My first step to extend the linear regression for forecasting is to create a Sum measure on the Date table which I call [Measures].[Completed Days]. Basically, days that are in the past have a value of “1″ and days in the future have a value of “0.” Summing up the rows will give you the total number of completed days in the data set.
Next, I created a calculated measure using the MDX function LinRegSlope. The function calculates the slope of the regression line for a given data set. We’ll use the following for the calculation:
- [Measures].[Sales Amount] – A core Sum measure that calculates total sales for a data set
- [Measures].[Rank 12 Months] – A numeric value to assign intervals to months for the x-axis (see my previous article)
- [Rolling 12 Months] – A static set for the rolling 12 completed months (see my previous article)
The LinRegSlope MDX function is then used as follows to get the slope of the linear regression line for existing data:
CREATE MEMBER CURRENTCUBE.[Measures].[12 Month Slope] AS
LinRegSlope([Rolling 12 Months]
,[Measures].[Rank 12 Months]
FORMAT_STRING = “Standard”, VISIBLE= 1 , ASSOCIATED_MEASURE_GROUP = ‘Fact Internet Sales’;
Next is a calculated measures named [Measures].[Projection 12 Month Count]. When evaluating a future month, it will be used to determine how many other future months come before it. So if January is the last month with data, February will calculate to “1″ and March will be “2.” Since the Count also includes the last month with data, one unit will be subtracted in the expression:
CREATE MEMBER CURRENTCUBE.[Measures].[Projection 12 Month Count] AS
COUNT(TAIL([Rolling 12 Months],1).item(0):[Dim Date].[Month Year].CurrentMember) – 1
FORMAT_STRING = “0″,VISIBLE = 1 , ASSOCIATED_MEASURE_GROUP = ‘Fact Internet Sales’ ;
Next, the values for the future months can be evaluated by using the slope of the line and extending the regression line value from the last month with data. Notice that I added an IIF statement to make sure that the line only displays on months that don’t yet have 27 days worth of data:
CREATE MEMBER CURRENTCUBE.[Measures].[Proj Sales 12mo] AS
IIF([Measures].[Completed Days] >= 27
,(TAIL([Rolling 12 Months],1).item(0),[Measures].[12 Month Trend]) + ([Measures].[12 Month Slope] * [Measures].[Projection 12 Month Count])
FORMAT_STRING = “Currency”, VISIBLE = 1 , ASSOCIATED_MEASURE_GROUP = ‘Fact Internet Sales’ ;
Finally, a few other simple additions to the MDX. I created a static set for the report named [Rolling 12 plus Next 6], which is the rolling completed 12 months plus the next 6 months, and I also wrapped [Measures].[12 Month Trend] (from my previous regression article) in an IIF statement to make it NULL when not displaying completed months.
Now, the calculations can be used to display actual Sales Amounts, 12 Month Trend (regression line for existing data), and Proj Sales 12mo (Projected Sales based upon the last 12 months with data):
The calculations are all enabled for slice-and-dice capabilities and for multi-select with members that hook up to the Sales fact table. Notice that the “Mountain 200″ Sales Amount ($708,537 in June-2008) is greater than the first predicted month of data ($697,386 in July of 2008). Why is that? June-2008 showed growth that was much higher than historical averages, and the linear regression forecast uses 12 months of data. The predictions won’t be perfect, but can be helpful if historical trends hold true in the future.

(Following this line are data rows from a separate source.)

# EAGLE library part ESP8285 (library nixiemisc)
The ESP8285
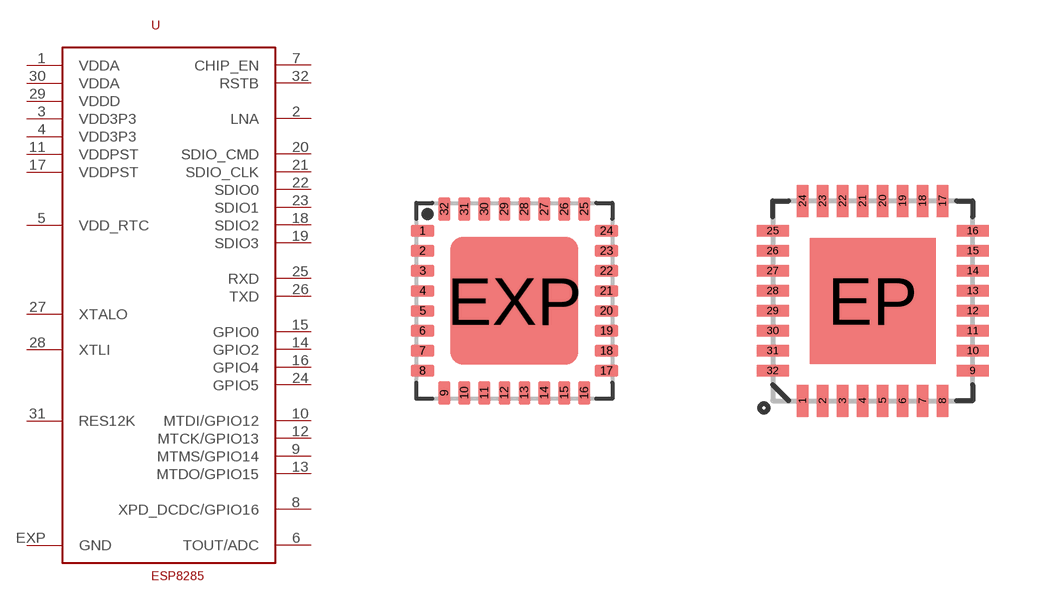
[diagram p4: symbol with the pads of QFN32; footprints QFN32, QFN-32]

Designator prefix U

## ESP8285QFN32  [QFN32]
1  VDDA  pwr
2  LNA
3  VDD3P3  pwr
4  VDD3P3  pwr
5  VDD_RTC  nc
6  TOUT/ADC  in
7  CHIP_EN  in
8  XPD_DCDC/GPIO16
9  MTMS/GPIO14
10  MTDI/GPIO12
11  VDDPST  pwr
12  MTCK/GPIO13
13  MTDO/GPIO15
14  GPIO2
15  GPIO0
16  GPIO4
17  VDDPST  pwr
18  SDIO2
19  SDIO3
20  SDIO_CMD
21  SDIO_CLK
22  SDIO0
23  SDIO1
24  GPIO5
25  RXD
26  TXD
27  XTALO
28  XTLI
29  VDDD  pwr
30  VDDA  pwr
31  RES12K  in
32  RSTB  in
EXP  GND  pwr

## ESP8285PHYSICALSYMBOL  [QFN32]
Pads as for QFN32

## ESP8285QFN-32  [QFN-32]
1  VDDA  pwr
2  LNA
3  VDD3P3  pwr
4  VDD3P3  pwr
5  VDD_RTC  nc
6  TOUT/ADC  in
7  CHIP_EN  in
8  XPD_DCDC/GPIO16
9  MTMS/GPIO14
10  MTDI/GPIO12
11  VDDPST  pwr
12  MTCK/GPIO13
13  MTDO/GPIO15
14  GPIO2
15  GPIO0
16  GPIO4
17  VDDPST  pwr
18  SDIO2
19  SDIO3
20  SDIO_CMD
21  SDIO_CLK
22  SDIO0
23  SDIO1
24  GPIO5
25  RXD
26  TXD
27  XTALO
28  XTLI
29  VDDD  pwr
30  VDDA  pwr
31  RES12K  in
32  RSTB  in
EP  GND  pwr

## Footprint QFN32 (pad centres in mm)
QFN 32 Source: http://www.ftdichip.com/Documents/DataSheets/DS_FT232R_v104.pdf
smd 0.6 x 0.3: 1 -2.3,1.75; 2 -2.3,1.25; 3 -2.3,0.75; 4 -2.3,0.25; 5 -2.3,-0.25; 6 -2.3,-0.75; 7 -2.3,-1.25; 8 -2.3,-1.75; 17 2.3,-1.75; 18 2.3,-1.25; 19 2.3,-0.75; 20 2.3,-0.25; 21 2.3,0.25; 22 2.3,0.75; 23 2.3,1.25; 24 2.3,1.75
smd 0.3 x 0.6: 9 -1.75,-2.3; 10 -1.25,-2.3; 11 -0.75,-2.3; 12 -0.25,-2.3; 13 0.25,-2.3; 14 0.75,-2.3; 15 1.25,-2.3; 16 1.75,-2.3; 25 1.75,2.3; 26 1.25,2.3; 27 0.75,2.3; 28 0.25,2.3; 29 -0.25,2.3; 30 -0.75,2.3; 31 -1.25,2.3; 32 -1.75,2.3
smd 3.2 x 3.2: EXP 0,0

## Footprint QFN-32 (pad centres in mm)
QFN 32-Pin package w/ Thermal Pad ***Unproven*** Applicable Parts: TLC5940
smd 0.285 x 0.8: 1 -1.75,-2.5; 2 -1.25,-2.5; 3 -0.75,-2.5; 4 -0.25,-2.5; 5 0.25,-2.5; 6 0.75,-2.5; 7 1.25,-2.5; 8 1.75,-2.5; 17 1.75,2.5; 18 1.25,2.5; 19 0.75,2.5; 20 0.25,2.5; 21 -0.25,2.5; 22 -0.75,2.5; 23 -1.25,2.5; 24 -1.75,2.5
smd 0.8 x 0.285: 9 2.5,-1.75; 10 2.5,-1.25; 11 2.5,-0.75; 12 2.5,-0.25; 13 2.5,0.25; 14 2.5,0.75; 15 2.5,1.25; 16 2.5,1.75; 25 -2.5,1.75; 26 -2.5,1.25; 27 -2.5,0.75; 28 -2.5,0.25; 29 -2.5,-0.25; 30 -2.5,-0.75; 31 -2.5,-1.25; 32 -2.5,-1.75
smd 3.15 x 3.15: EP 0,0
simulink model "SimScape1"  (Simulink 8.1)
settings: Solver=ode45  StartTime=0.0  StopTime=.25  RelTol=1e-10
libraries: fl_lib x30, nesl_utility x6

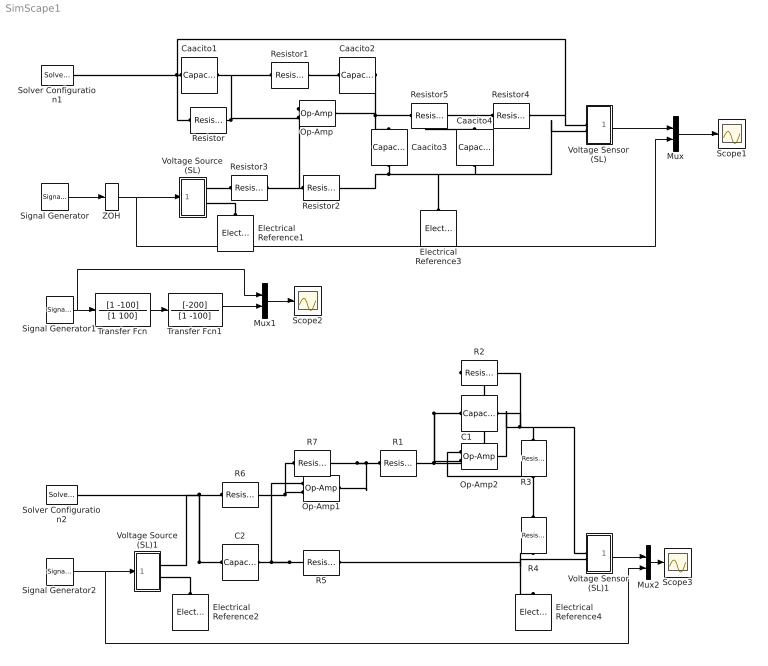
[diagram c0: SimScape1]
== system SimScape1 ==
  C1 : fl_lib/Electrical/Electrical Elements/Capacitor  c=2e-6 F  v0=0 V  r=1e-6 Ohm  g=0 1/Ohm  i_Log=off  v_Log=off  vc_Log=off  LocalVarNames=|i|v|vc  LocalVarDescs=|i|v|Internal variable for voltage across capacitor term  LocalVarLogging=[0 0 0]
  C2 : fl_lib/Electrical/Electrical Elements/Capacitor  c=1e-6 F  v0=0 V  r=1e-6 Ohm  g=0 1/Ohm  i_Log=off  v_Log=off  vc_Log=off  LocalVarNames=|i|v|vc  LocalVarDescs=|i|v|Internal variable for voltage across capacitor term  LocalVarLogging=[0 0 0]
  Caacito1 : fl_lib/Electrical/Electrical Elements/Capacitor  c=1e-6 F  v0=0 V  r=1e-6 Ohm  g=0 1/Ohm  i_Log=off  v_Log=off  vc_Log=off  LocalVarNames=|i|v|vc  LocalVarDescs=|i|v|Internal variable for voltage across capacitor term  LocalVarLogging=[0 0 0]
  Caacito2 : fl_lib/Electrical/Electrical Elements/Capacitor  c=1e-6 F  v0=0 V  r=1e-6 Ohm  g=0 1/Ohm  i_Log=off  v_Log=off  vc_Log=off  LocalVarNames=|i|v|vc  LocalVarDescs=|i|v|Internal variable for voltage across capacitor term  LocalVarLogging=[0 0 0]
  Caacito3 : fl_lib/Electrical/Electrical Elements/Capacitor  c=100e-6 F  v0=0 V  r=1e-6 Ohm  g=0 1/Ohm  i_Log=off  v_Log=off  vc_Log=off  LocalVarNames=|i|v|vc  LocalVarDescs=|i|v|Internal variable for voltage across capacitor term  LocalVarLogging=[0 0 0]
  Caacito4 : fl_lib/Electrical/Electrical Elements/Capacitor  c=100e-6 F  v0=0 V  r=1e-6 Ohm  g=0 1/Ohm  i_Log=off  v_Log=off  vc_Log=off  LocalVarNames=|i|v|vc  LocalVarDescs=|i|v|Internal variable for voltage across capacitor term  LocalVarLogging=[0 0 0]
  Electrical Reference{1..4} (4 alike) : fl_lib/Electrical/Electrical Elements/Electrical Reference  i_Log=off  LocalVarNames=|v1  LocalVarDescs=|v1  LocalVarLogging=[]
  Mux : Mux  Inputs=2
  Mux1 : Mux  Inputs=2
  Mux2 : Mux  Inputs=2
  Op-Amp : fl_lib/Electrical/Electrical Elements/Op-Amp  i1_Log=off  v1_Log=off  outI_Log=off  LocalVarNames=|i1|v1|outI  LocalVarDescs=|i1|v1|outI  LocalVarLogging=[0 0 0]
  Op-Amp1 : fl_lib/Electrical/Electrical Elements/Op-Amp  i1_Log=off  v1_Log=off  outI_Log=off  LocalVarNames=|i1|v1|outI  LocalVarDescs=|i1|v1|outI  LocalVarLogging=[0 0 0]
  Op-Amp2 : fl_lib/Electrical/Electrical Elements/Op-Amp  i1_Log=off  v1_Log=off  outI_Log=off  LocalVarNames=|i1|v1|outI  LocalVarDescs=|i1|v1|outI  LocalVarLogging=[0 0 0]
  R{1..3,5..7} (6 alike) : fl_lib/Electrical/Electrical Elements/Resistor  R=10 kOhm  i_Log=off  v_Log=off  LocalVarNames=|i|v  LocalVarDescs=|i|v  LocalVarLogging=[0 0]
  R4 : fl_lib/Electrical/Electrical Elements/Resistor  R=30 kOhm  i_Log=off  v_Log=off  LocalVarNames=|i|v  LocalVarDescs=|i|v  LocalVarLogging=[0 0]
  Resistor{,1..3} (4 alike) : fl_lib/Electrical/Electrical Elements/Resistor  R=1 kOhm  i_Log=off  v_Log=off  LocalVarNames=|i|v  LocalVarDescs=|i|v  LocalVarLogging=[0 0]
  Resistor4 : fl_lib/Electrical/Electrical Elements/Resistor  R=10 kOhm  i_Log=off  v_Log=off  LocalVarNames=|i|v  LocalVarDescs=|i|v  LocalVarLogging=[0 0]
  Resistor5 : fl_lib/Electrical/Electrical Elements/Resistor  R=10 kOhm  i_Log=off  v_Log=off  LocalVarNames=|i|v  LocalVarDescs=|i|v  LocalVarLogging=[0 0]
  Scope1 : Scope
  Scope2 : Scope
  Scope3 : Scope
  Signal Generator : SignalGenerator  WaveForm=square  Frequency=100
  Signal Generator1 : SignalGenerator  WaveForm=square  Frequency=10
  Signal Generator2 : SignalGenerator  WaveForm=square  Frequency=10
  Solver Configuration1 : nesl_utility/Solver Configuration  PhysicalDomain=network_engine_domain  SubClassName=solver  LeftPortType=input  RightPortType=generic  Accelerate=off  Tones=[]  Harmonics=[]  SimulateNoise=off  Profile=off  UseLocalSampling=off  EnableSwitchedLinearOptims=on  FrequencyDomain=off  UseCCode=off  UseNewInitialization=off  DoDC=off  ResidualTolerance=1e-4  UseLocalSolver=on  LocalSolverChoice=NE_BACKWARD_EULER_ADVANCER  LocalSolverSampleTime=.001  DoFixedCost=on  MaxNonlinIter=3  MaxModeIter=2  LinearAlgebra=Sparse  DelaysMemoryBudget=1024
  Solver Configuration2 : nesl_utility/Solver Configuration  PhysicalDomain=network_engine_domain  SubClassName=solver  LeftPortType=input  RightPortType=generic  Accelerate=off  Tones=[]  Harmonics=[]  SimulateNoise=off  Profile=off  UseLocalSampling=off  EnableSwitchedLinearOptims=on  FrequencyDomain=off  UseCCode=off  UseNewInitialization=off  DoDC=off  ResidualTolerance=1e-4  UseLocalSolver=on  LocalSolverChoice=NE_BACKWARD_EULER_ADVANCER  LocalSolverSampleTime=.001  DoFixedCost=on  MaxNonlinIter=3  MaxModeIter=2  LinearAlgebra=Sparse  DelaysMemoryBudget=1024
  Transfer Fcn : TransferFcn  Numerator=[1 -100]  Denominator=[1 100]
  Transfer Fcn1 : TransferFcn  Numerator=[-200]  Denominator=[1 -100]
  Voltage Sensor (SL) : Subsystem
  Voltage Sensor (SL)1 : Subsystem
  Voltage Source (SL) : Subsystem
  Voltage Source (SL)1 : Subsystem
  ZOH : ZeroOrderHold  SampleTime=.001
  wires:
  Signal Generator/1 -> ZOH/1
  Mux/1 -> Scope1/1
  Voltage Sensor (SL)/1(v) -> Mux/1
  ZOH/1 -> Voltage Source (SL)/1(S), Mux/2
  Signal Generator1/1 -> Transfer Fcn/1, Mux1/1
  Transfer Fcn/1 -> Transfer Fcn1/1
  Mux1/1 -> Scope2/1
  Transfer Fcn1/1 -> Mux1/2
  Signal Generator2/1 -> Voltage Source (SL)1/1(S), Mux2/2
  Mux2/1 -> Scope3/1
  Voltage Sensor (SL)1/1(v) -> Mux2/1
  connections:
  Caacito1/RConn1 -- Resistor/RConn1 -- Op-Amp/LConn2 -- Resistor1/LConn1
  Caacito1/LConn1 -- Resistor/LConn1 -- Resistor4/LConn1 -- Voltage Sensor (SL)/LConn1 -- Solver Configuration1/RConn1
  Resistor2/LConn1 -- Op-Amp/LConn1 -- Resistor3/LConn1
  Caacito2/LConn1 -- Resistor1/RConn1
  Caacito2/RConn1 -- Op-Amp/RConn1 -- Resistor5/RConn1 -- Caacito3/LConn1
  Resistor5/LConn1 -- Resistor4/RConn1 -- Caacito4/LConn1
  Caacito3/RConn1 -- Electrical Reference3/LConn1 -- Caacito4/RConn1 -- Voltage Sensor (SL)/LConn2 -- Resistor2/RConn1
  Electrical Reference1/LConn1 -- Voltage Source (SL)/RConn2
  Voltage Source (SL)/RConn1 -- Resistor3/RConn1
  R7/LConn1 -- R6/RConn1 -- Op-Amp1/LConn2
  C2/RConn1 -- Op-Amp1/LConn1 -- R5/LConn1
  R2/RConn1 -- C1/LConn1 -- Op-Amp2/LConn2 -- R1/RConn1
  R5/RConn1 -- R4/LConn1 -- Electrical Reference4/LConn1 -- Voltage Sensor (SL)1/LConn2
  Voltage Source (SL)1/RConn1 -- C2/LConn1 -- R6/LConn1 -- Solver Configuration2/RConn1
  Electrical Reference2/LConn1 -- Voltage Source (SL)1/RConn2
  R1/LConn1 -- R7/RConn1 -- Op-Amp1/RConn1
  R3/RConn1 -- C1/RConn1 -- Op-Amp2/RConn1 -- R2/LConn1 -- Voltage Sensor (SL)1/LConn1
  R3/LConn1 -- R4/RConn1 -- Op-Amp2/LConn1

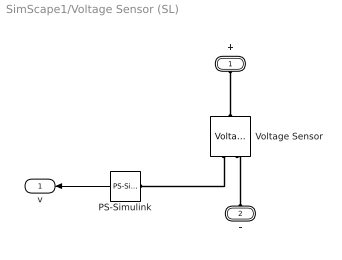
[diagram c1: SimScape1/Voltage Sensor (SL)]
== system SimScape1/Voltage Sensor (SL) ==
  PS-Simulink : nesl_utility/PS-Simulink Converter  PhysicalDomain=network_engine_domain  SubClassName=ps_output  LeftPortType=input  RightPortType=output  PseudoPeriodic=off  Frequencies=[]  Unit=V  AffineConversion=off
  Voltage Sensor : fl_lib/Electrical/Electrical Sensors/Voltage Sensor  i1_Log=off  v1_Log=off  LocalVarNames=|i1|v1  LocalVarDescs=|i1|v1  LocalVarLogging=[]
  + : PMIOPort  Port=1  Side=Left
  - : PMIOPort  Port=2  Side=Left
  v : Outport
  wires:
  PS-Simulink/1 -> v/1
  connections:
  Voltage Sensor/RConn1 -- PS-Simulink/LConn1
  +/RConn1 -- Voltage Sensor/LConn1
  -/RConn1 -- Voltage Sensor/RConn2

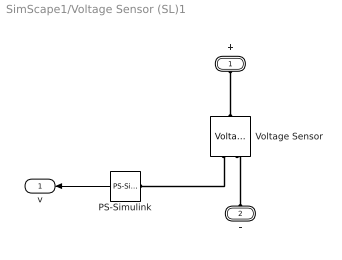
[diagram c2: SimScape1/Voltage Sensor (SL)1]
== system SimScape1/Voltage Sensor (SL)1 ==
  PS-Simulink : nesl_utility/PS-Simulink Converter  PhysicalDomain=network_engine_domain  SubClassName=ps_output  LeftPortType=input  RightPortType=output  PseudoPeriodic=off  Frequencies=[]  Unit=V  AffineConversion=off
  Voltage Sensor : fl_lib/Electrical/Electrical Sensors/Voltage Sensor  i1_Log=off  v1_Log=off  LocalVarNames=|i1|v1  LocalVarDescs=|i1|v1  LocalVarLogging=[]
  + : PMIOPort  Port=1  Side=Left
  - : PMIOPort  Port=2  Side=Left
  v : Outport
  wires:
  PS-Simulink/1 -> v/1
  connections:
  Voltage Sensor/RConn1 -- PS-Simulink/LConn1
  +/RConn1 -- Voltage Sensor/LConn1
  -/RConn1 -- Voltage Sensor/RConn2

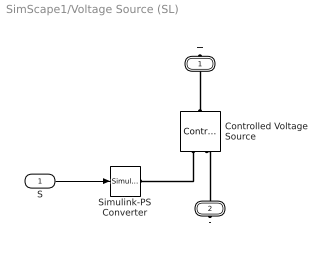
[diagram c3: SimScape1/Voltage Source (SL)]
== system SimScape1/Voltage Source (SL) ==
  S : Inport
  Controlled Voltage Source : fl_lib/Electrical/Electrical Sources/Controlled Voltage Source  i_Log=off  v_Log=off  LocalVarNames=|current|voltage|power  LocalVarDescs=|Current (A)|Voltage (V)|Power (W)  LocalVarLogging=[0 0 0]
  Simulink-PS Converter : nesl_utility/Simulink-PS Converter  PhysicalDomain=network_engine_domain  SubClassName=ps_input  LeftPortType=input  RightPortType=output  PseudoPeriodic=off  Frequencies=[]  NoiseDistribution=none  NoiseParameters=[]  Unit=V  AffineConversion=off  InputFiltering=off  SimscapeFilterOrder=1  InputFilterTimeConstant=.001  UdotUserProvided=0
  + : PMIOPort  Port=1  Side=Right
  - : PMIOPort  Port=2  Side=Right
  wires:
  S/1 -> Simulink-PS Converter/1
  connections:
  Controlled Voltage Source/RConn1 -- Simulink-PS Converter/RConn1
  -/RConn1 -- Controlled Voltage Source/RConn2
  +/RConn1 -- Controlled Voltage Source/LConn1

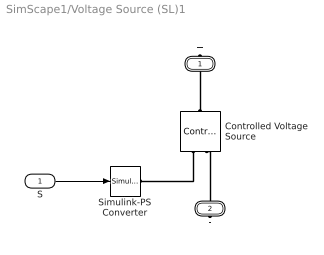
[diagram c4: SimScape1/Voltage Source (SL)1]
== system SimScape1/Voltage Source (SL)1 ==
  S : Inport
  Controlled Voltage Source : fl_lib/Electrical/Electrical Sources/Controlled Voltage Source  i_Log=off  v_Log=off  LocalVarNames=|current|voltage|power  LocalVarDescs=|Current (A)|Voltage (V)|Power (W)  LocalVarLogging=[0 0 0]
  Simulink-PS Converter : nesl_utility/Simulink-PS Converter  PhysicalDomain=network_engine_domain  SubClassName=ps_input  LeftPortType=input  RightPortType=output  PseudoPeriodic=off  Frequencies=[]  NoiseDistribution=none  NoiseParameters=[]  Unit=V  AffineConversion=off  InputFiltering=off  SimscapeFilterOrder=1  InputFilterTimeConstant=.001  UdotUserProvided=0
  + : PMIOPort  Port=1  Side=Right
  - : PMIOPort  Port=2  Side=Right
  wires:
  S/1 -> Simulink-PS Converter/1
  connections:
  Controlled Voltage Source/RConn1 -- Simulink-PS Converter/RConn1
  -/RConn1 -- Controlled Voltage Source/RConn2
  +/RConn1 -- Controlled Voltage Source/LConn1
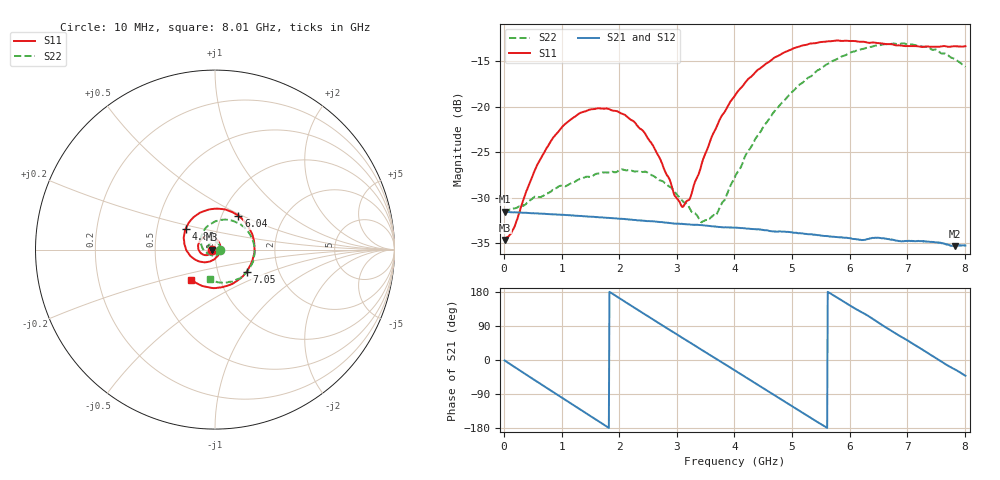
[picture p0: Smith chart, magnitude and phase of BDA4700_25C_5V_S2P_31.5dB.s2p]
!Agilent Technologies,E5071B,MY42404982,A.09.10
!Date: Mon Oct 20 13:42:30 2025
!Data & Calibration Information:
!Freq	S11:SOLT2(ON)	S21:SOLT2(ON)	S12:SOLT2(ON)	S22:SOLT2(ON)
# Hz S RI R 50
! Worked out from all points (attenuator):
!   801 points, 10 MHz to 8.01 GHz, reference 50 ohm
!   highest |S21| = -31.56 dB at 20 MHz (marker M1); lowest = -35.3 dB at 7.83 GHz (marker M2)
!   lowest |S11| = -34.7 dB at 10 MHz (marker M3), VSWR 1.04, Z = 48.2 - j0.094 ohm
!   |S11| at or under -10 dB: start of sweep to end of sweep
!   |S22| runs from -32.7 to -13.0 dB; largest |S21 - S12| = 0.00023
!   S11 on the Smith chart (normalised r, x): 10 MHz: 0.96, -0.00; 4.89 GHz: 0.70, +0.17; 6.04 GHz: 1.20, +0.48; 7.05 GHz: 1.37, -0.36; 8.01 GHz: 0.73, -0.26
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1e7  -0.0184 -0.000975  0.0264 -0.000582  0.0265 -0.000598  0.0263 -0.000816
2e7  -0.0187 -0.00152  0.0264 -0.000997  0.0264 -0.00103  0.0262 -0.00111
1.6e8  -0.0191 -0.0091  0.0252 -0.00731  0.0252 -0.00734  0.0264 -0.00758
5.4e8  -0.0354 -0.0282  0.0152 -0.0209  0.0152 -0.021  0.0157 -0.0278
7.8e8  -0.0535 -0.031  0.00554 -0.025  0.00558 -0.0251  0.000393 -0.0336
1.35e9  -0.093 0.00343  -0.0172 -0.0182  -0.0172 -0.0182  -0.0361 -0.0179
2.09e9  -0.0537 0.0725  -0.0218 0.0103  -0.0218 0.0103  -0.0294 0.0338
2.68e9  0.0152 0.0515  -0.00323 0.023  -0.00324 0.023  0.0126 0.0376
2.97e9  0.029 0.0137  0.00762 0.0214  0.00758 0.0214  0.0255 0.0218
3.12e9  0.0273 -0.00796  0.0125 0.0188  0.0125 0.0188  0.0281 0.00996
3.24e9  0.0208 -0.0243  0.0158 0.0159  0.0159 0.0159  0.027 0.00137
3.54e9  -0.0117 -0.0584  0.0212 0.00627  0.0212 0.00619  0.0131 -0.02
3.7e9  -0.0386 -0.0682  0.0218 0.00052  0.0219 0.000475  -0.00051 -0.0259
4.01e9  -0.0966 -0.0625  0.0191 -0.0101  0.0191 -0.0101  -0.032 -0.0257
4.89e9  -0.1641 0.1143  -0.00745 -0.0191  -0.00738 -0.0192  -0.0736 0.082
5.35e9  -0.0777 0.2082  -0.018 -0.00841  -0.0179 -0.00845  -0.0155 0.1474
6.04e9  0.1309 0.1882  -0.0145 0.0119  -0.0146 0.0119  0.139 0.1432
6.68e9  0.2202 -0.00183  0.0029 0.0184  0.00295 0.0185  0.2197 0.000579
7.05e9  0.176 -0.1233  0.0124 0.0135  0.0124 0.0134  0.1967 -0.0982
7.46e9  0.0564 -0.2055  0.0178 0.00268  0.0178 0.00263  0.1112 -0.1722
7.83e9  -0.0755 -0.2012  0.0155 -0.00719  0.0155 -0.0073  0.0139 -0.1818
8.01e9  -0.1317 -0.1692  0.0129 -0.0114  0.013 -0.0114  -0.03 -0.1623

So, what if a prediction line based upon the last 6 months of data was wanted along with values based upon the last 12 months of data? Well, following the same logic as the calculations for the 12 month linear regression, a 6 month linear regression forecast can also be created and displayed on the same chart or grid:
The method above can be used to create slice-and-dice linear regression forecast calculations based upon any duration of time from an SSAS OLAP cube using simple MDX.